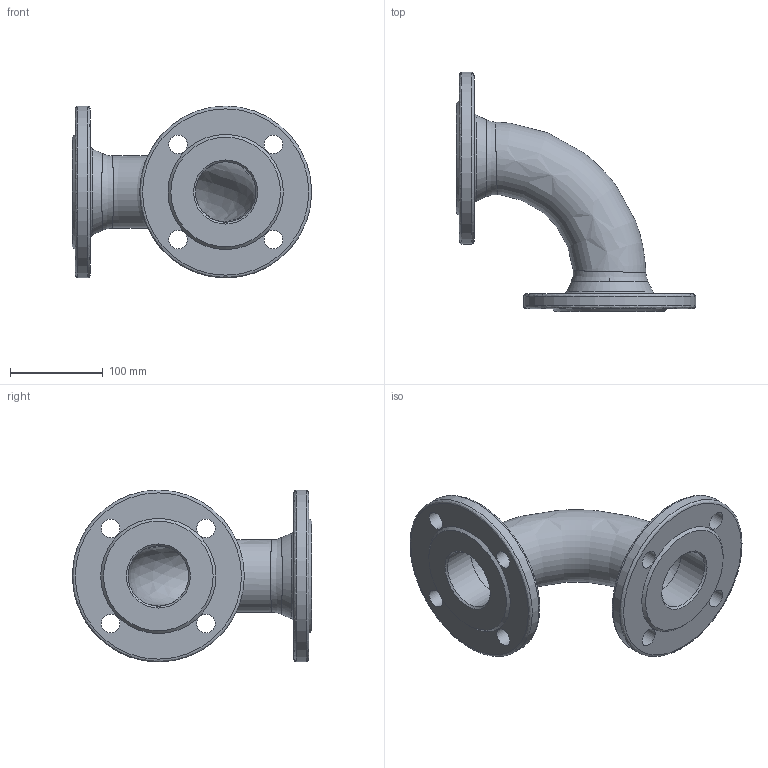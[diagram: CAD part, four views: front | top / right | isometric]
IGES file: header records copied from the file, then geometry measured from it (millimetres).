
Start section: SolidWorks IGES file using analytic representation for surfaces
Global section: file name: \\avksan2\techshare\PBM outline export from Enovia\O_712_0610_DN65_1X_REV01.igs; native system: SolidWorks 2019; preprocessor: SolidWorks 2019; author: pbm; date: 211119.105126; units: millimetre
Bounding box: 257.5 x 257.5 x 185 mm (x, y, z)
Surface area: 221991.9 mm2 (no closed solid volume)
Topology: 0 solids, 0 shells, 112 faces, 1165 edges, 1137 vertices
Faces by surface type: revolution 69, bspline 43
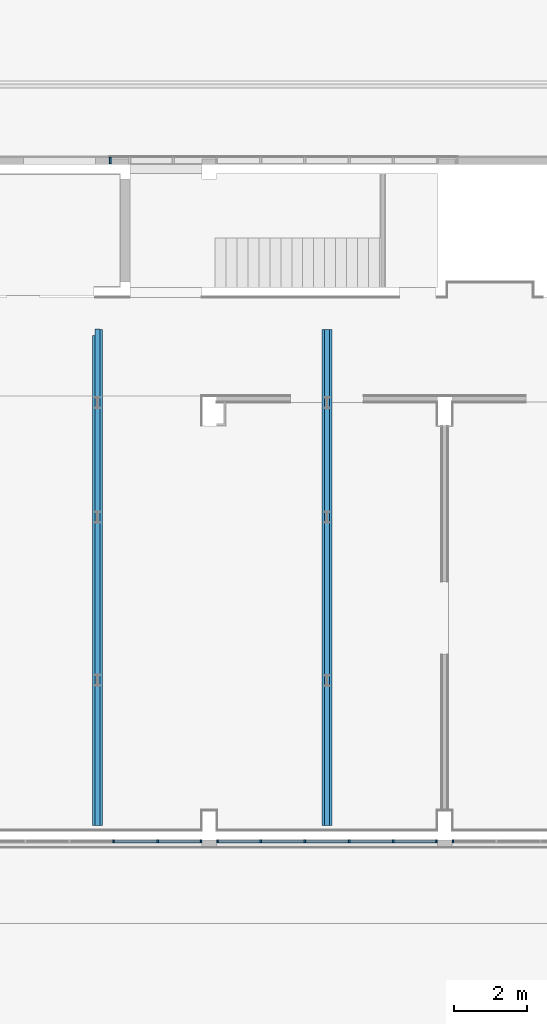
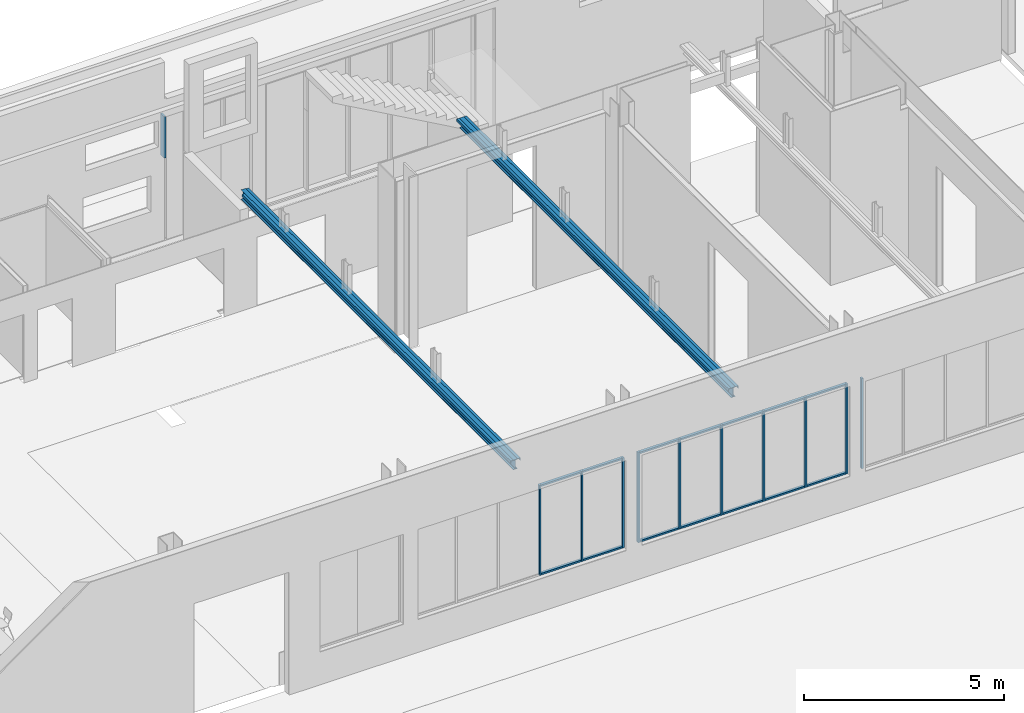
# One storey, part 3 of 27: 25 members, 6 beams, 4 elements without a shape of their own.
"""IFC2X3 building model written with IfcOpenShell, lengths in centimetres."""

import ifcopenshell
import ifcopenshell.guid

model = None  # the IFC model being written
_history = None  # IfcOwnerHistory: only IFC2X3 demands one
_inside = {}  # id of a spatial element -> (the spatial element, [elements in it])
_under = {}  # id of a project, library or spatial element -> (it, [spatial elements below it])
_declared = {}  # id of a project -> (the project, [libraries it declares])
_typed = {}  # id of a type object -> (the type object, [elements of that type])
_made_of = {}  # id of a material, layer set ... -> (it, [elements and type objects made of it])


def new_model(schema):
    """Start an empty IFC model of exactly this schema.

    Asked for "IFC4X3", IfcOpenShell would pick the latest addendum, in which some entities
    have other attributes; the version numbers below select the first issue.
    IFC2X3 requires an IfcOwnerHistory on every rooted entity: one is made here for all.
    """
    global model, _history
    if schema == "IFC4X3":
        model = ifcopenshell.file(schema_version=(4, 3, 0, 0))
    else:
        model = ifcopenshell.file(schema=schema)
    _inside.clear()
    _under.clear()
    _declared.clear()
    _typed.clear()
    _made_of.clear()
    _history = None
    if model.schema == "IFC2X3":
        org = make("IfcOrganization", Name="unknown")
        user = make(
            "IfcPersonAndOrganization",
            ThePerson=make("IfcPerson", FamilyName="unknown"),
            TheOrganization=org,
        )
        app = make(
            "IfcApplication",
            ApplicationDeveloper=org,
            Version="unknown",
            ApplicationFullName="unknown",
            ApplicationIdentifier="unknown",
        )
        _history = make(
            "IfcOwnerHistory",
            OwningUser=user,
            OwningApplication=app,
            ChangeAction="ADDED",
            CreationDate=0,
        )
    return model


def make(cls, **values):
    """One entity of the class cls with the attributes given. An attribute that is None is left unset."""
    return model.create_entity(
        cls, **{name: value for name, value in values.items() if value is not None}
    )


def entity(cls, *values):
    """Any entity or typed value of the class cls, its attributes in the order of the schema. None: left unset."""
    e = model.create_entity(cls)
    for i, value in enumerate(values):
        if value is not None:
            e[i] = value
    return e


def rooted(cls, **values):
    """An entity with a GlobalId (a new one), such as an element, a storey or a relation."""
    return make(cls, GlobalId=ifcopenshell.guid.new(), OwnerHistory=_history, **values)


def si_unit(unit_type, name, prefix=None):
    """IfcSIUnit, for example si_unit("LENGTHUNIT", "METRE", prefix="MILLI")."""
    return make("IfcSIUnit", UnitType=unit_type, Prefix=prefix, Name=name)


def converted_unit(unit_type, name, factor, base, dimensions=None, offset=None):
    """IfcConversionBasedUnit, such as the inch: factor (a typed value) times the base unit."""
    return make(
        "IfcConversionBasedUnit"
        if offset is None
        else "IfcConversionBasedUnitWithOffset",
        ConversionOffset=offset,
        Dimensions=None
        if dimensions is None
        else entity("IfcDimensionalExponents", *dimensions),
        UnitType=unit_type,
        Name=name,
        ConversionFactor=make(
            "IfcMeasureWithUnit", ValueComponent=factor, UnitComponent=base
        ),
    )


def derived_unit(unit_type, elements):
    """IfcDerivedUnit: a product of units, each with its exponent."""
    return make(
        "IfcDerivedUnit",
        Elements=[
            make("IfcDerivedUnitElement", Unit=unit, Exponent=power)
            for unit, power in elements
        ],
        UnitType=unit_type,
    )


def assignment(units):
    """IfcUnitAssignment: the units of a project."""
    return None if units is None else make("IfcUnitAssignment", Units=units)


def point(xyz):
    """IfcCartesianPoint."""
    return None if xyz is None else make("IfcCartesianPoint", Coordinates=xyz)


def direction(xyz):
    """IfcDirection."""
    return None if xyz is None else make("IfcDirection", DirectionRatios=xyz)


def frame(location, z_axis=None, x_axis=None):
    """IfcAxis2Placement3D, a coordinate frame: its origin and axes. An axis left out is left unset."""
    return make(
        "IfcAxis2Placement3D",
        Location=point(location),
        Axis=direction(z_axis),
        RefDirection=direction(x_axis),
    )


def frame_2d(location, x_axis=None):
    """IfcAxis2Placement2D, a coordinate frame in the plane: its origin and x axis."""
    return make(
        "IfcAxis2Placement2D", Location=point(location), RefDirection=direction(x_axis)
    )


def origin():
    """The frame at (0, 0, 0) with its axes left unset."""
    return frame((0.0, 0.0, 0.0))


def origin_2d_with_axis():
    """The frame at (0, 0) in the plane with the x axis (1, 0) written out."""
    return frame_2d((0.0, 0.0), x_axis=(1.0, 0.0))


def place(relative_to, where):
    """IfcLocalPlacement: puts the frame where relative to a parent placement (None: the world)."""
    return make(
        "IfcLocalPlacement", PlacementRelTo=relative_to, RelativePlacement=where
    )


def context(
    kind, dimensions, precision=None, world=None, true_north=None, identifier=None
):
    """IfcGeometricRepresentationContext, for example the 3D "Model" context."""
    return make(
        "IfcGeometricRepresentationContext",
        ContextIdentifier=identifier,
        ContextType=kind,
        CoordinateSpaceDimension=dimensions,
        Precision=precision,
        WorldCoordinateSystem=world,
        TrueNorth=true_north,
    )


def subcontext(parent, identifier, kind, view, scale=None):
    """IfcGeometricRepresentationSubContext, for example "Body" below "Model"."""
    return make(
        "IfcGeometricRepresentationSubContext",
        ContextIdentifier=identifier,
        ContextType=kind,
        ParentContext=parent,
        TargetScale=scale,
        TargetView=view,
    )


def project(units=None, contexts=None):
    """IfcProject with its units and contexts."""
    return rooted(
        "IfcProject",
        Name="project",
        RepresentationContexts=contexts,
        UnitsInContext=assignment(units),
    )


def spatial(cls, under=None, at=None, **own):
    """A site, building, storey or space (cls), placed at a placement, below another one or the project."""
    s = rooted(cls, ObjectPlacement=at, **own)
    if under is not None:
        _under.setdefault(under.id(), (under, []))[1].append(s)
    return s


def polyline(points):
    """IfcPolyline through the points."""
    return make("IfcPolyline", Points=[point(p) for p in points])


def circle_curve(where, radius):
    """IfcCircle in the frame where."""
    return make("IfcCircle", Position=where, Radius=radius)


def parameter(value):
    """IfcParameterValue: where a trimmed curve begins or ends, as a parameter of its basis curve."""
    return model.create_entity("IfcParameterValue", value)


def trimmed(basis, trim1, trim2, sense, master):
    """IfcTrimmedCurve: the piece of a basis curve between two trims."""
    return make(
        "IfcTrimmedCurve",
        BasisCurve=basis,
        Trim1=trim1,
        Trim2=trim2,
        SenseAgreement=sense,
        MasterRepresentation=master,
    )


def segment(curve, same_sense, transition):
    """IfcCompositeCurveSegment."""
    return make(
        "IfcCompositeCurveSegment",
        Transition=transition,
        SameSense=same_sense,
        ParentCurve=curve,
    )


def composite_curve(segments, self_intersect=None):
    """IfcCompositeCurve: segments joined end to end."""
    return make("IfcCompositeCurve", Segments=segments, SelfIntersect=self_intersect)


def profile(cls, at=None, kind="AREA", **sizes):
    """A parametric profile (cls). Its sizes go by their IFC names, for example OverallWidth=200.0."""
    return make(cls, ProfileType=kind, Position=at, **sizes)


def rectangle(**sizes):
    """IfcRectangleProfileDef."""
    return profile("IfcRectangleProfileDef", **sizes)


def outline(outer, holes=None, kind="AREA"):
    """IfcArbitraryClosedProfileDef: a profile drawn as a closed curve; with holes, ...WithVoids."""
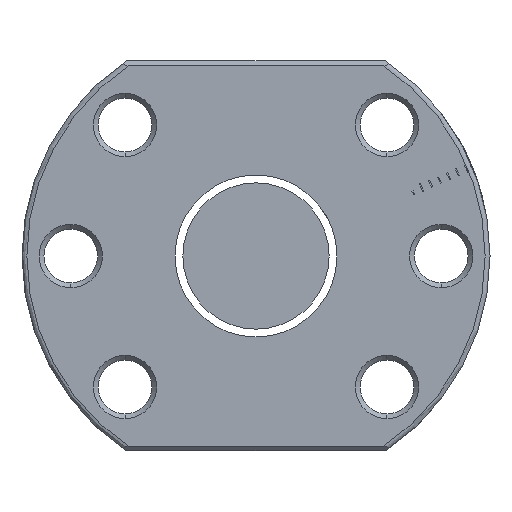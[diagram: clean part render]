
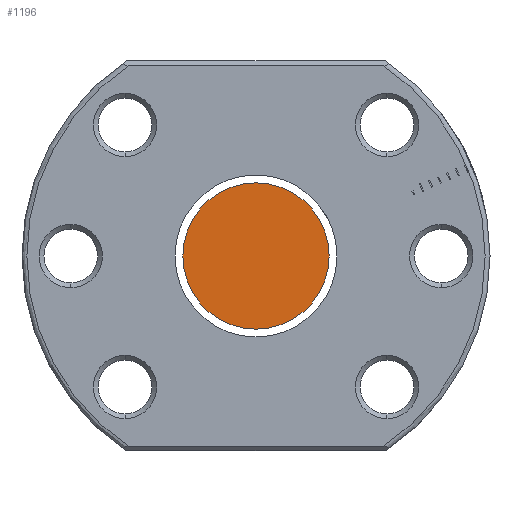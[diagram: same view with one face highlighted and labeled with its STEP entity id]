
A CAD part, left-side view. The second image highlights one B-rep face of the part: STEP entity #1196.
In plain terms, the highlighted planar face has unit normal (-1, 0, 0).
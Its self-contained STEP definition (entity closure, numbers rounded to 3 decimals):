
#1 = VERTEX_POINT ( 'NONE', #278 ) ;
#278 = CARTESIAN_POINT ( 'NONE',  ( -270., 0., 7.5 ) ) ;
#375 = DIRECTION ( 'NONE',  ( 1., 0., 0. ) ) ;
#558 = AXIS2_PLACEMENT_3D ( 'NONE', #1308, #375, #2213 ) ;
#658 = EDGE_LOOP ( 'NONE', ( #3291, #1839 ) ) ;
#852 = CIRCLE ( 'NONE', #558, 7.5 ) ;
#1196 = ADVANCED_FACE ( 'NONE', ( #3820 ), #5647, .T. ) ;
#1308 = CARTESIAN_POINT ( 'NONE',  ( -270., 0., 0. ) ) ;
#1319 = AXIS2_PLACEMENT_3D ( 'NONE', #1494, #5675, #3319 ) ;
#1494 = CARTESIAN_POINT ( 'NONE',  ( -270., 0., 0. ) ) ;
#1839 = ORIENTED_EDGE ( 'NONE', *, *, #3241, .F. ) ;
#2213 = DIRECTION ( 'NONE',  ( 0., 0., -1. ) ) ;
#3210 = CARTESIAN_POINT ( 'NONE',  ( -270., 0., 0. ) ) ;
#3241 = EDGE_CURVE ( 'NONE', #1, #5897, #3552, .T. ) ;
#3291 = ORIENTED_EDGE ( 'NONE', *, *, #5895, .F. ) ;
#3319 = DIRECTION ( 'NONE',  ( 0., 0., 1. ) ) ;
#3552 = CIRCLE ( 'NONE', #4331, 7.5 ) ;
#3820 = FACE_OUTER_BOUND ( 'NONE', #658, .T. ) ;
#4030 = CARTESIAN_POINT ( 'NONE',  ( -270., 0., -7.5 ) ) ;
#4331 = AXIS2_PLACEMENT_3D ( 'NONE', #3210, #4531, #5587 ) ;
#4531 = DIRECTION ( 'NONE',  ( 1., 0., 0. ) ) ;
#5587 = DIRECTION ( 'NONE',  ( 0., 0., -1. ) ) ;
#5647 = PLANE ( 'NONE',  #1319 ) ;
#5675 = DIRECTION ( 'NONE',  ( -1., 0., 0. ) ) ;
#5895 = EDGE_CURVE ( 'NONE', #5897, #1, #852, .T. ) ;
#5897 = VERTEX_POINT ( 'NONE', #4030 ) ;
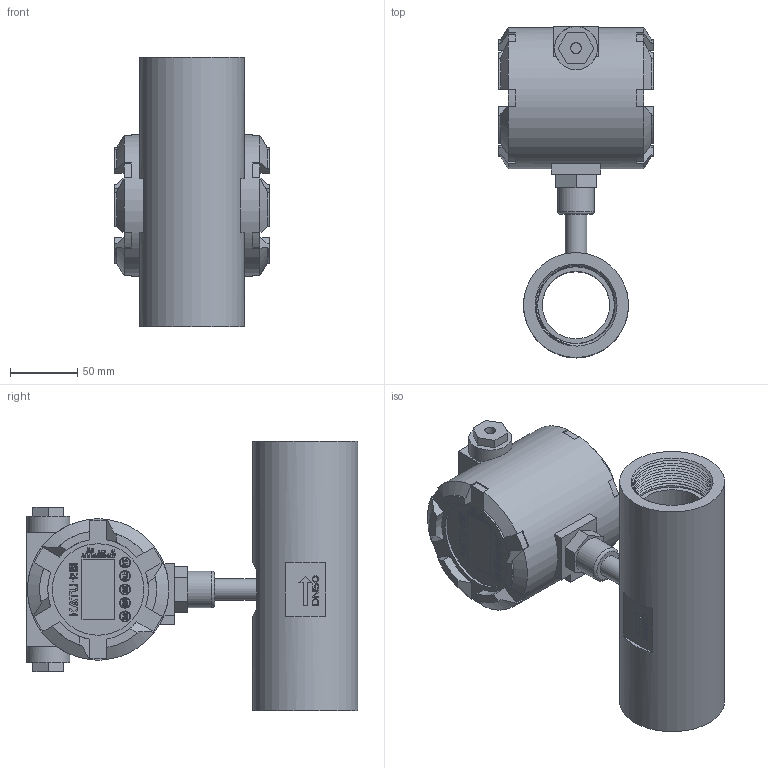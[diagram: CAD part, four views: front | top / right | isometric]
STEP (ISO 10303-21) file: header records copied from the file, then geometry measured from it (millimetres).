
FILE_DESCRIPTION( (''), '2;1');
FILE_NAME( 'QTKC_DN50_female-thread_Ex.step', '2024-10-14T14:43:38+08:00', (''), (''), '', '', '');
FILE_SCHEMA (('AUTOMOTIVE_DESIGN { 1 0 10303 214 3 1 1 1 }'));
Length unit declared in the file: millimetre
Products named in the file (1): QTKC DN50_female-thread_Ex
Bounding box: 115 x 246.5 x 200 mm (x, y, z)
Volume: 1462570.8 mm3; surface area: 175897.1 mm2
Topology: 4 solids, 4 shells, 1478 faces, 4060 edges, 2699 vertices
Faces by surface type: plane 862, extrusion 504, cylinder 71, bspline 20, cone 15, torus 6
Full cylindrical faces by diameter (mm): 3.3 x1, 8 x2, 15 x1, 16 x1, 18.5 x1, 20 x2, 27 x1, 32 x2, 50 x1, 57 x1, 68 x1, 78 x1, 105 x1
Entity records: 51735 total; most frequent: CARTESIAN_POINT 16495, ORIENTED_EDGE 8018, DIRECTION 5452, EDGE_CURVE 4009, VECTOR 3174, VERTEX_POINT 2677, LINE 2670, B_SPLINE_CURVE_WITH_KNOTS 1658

● ● ●

Instructions for the task — Pull out all lines containing the word "kind" from the entries above.

Task result —
    kind, dimensions, precision=None, world=None, true_north=None, identifier=None
        ContextType=kind,
def subcontext(parent, identifier, kind, view, scale=None):
        ContextType=kind,
def profile(cls, at=None, kind="AREA", **sizes):
    return make(cls, ProfileType=kind, Position=at, **sizes)
def outline(outer, holes=None, kind="AREA"):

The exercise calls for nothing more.